# Taco taco



## rebellorebellion (Jul 21, 2017)

Taco taco


----------



## RodneyFarva (Jan 18, 2007)

can it be converted to a functional weapon ?


----------



## DNorth (Jun 6, 2008)

It is perfectly legal.

Some replicas disassemble but have slightly different measurements than live firearms, so there can not be any part interchange. Other replicas do not disassemble but are in essence nearly solid pieces of metal (most parts welded together) with just a few moving parts. Even the screw heads are just molded on those, and do not actually have a role in disassembly.


----------



## rebellorebellion (Jul 21, 2017)

DNorth said:


> It is perfectly legal.
> 
> Some replicas disassemble but have slightly different measurements than live firearms, so there can not be any part interchange. Other replicas do not disassemble but are in essence nearly solid pieces of metal (most parts welded together) with just a few moving parts. Even the screw heads are just molded on those, and do not actually have a role in disassembly.

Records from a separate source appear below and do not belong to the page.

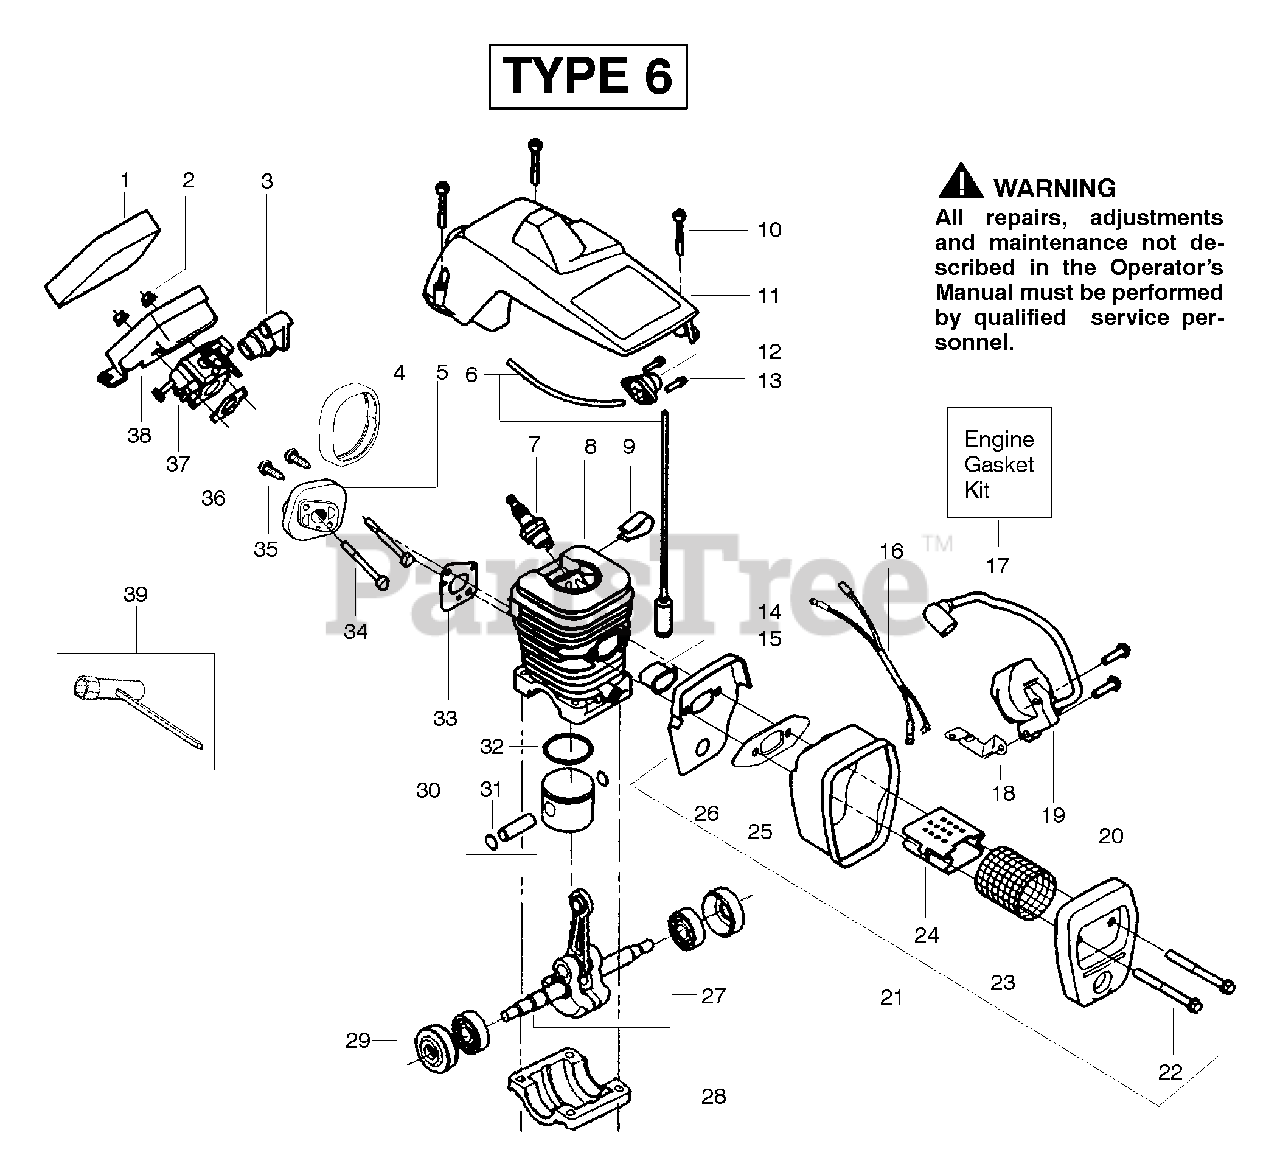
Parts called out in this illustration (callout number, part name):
1	Foam-Air Filter
3	Grommet-Carb Adjust
4	Seal-Carb Adapter
5	Adapter-Carb.
6	Kit-Fuel Line (Small)
7	Spark Plug (RCJ-7Y)
8	Kit-Cylinder
9	Clip-High Tension Lead
11	Shield-Cylinder
12	Assy-Air Purge
14	Assy-Fuel Pick-up
15	Insulator-Heat
16	Assy.-Wire Harness
17	Kit-Engine Gasket
18	Strap-Ground
19	Module-Ignition
21	Assy-Muffler
23	Screen-Spark
24	Diffuser-Muffler
25	Gasket-Muffler (kit)
26	Backplate-Muffler
27	Assy.-Crankshaft
28	Cap-Crankcase
29	Assy.-Seal & Bearing
30	Kit-Piston
31	Retainer-Piston Pin
32	Ring-Piston
33	Gasket-Adapter (kit)
36	Gasket-Carb. (kit)
37	Kit-Carburetor (WT-624)
38	Housing-Air Filter
39	Wrench-Bar

I wasn't because sure because the description said this 
"SHIPPING RESTRICTIONS

CONNECTICUT, MASSACHUSETTS, NEW YORK STATE, WISCONSIN, MINNESOTA, AND PUERTO RICO:

All replicas of antique firearms (pre-1898) are allowed. We can only ship replicas of modern firearms (post-1898) to military, police, theatrical companies, or other government account with valid proof of identity. Sufficient proof would be a copy of a purchase order or request on letterhead from one of these organizations.

ALL CUSTOMERS ARE RESPONSIBLE FOR ENSURING COMPLIANCE WITH ANY APPLICABLE LAWS OR RESTRICTIONS AT THE POINT OF DESTINATION. PLEASE CHECK LOCAL LAWS PRIOR TO ORDERING."


----------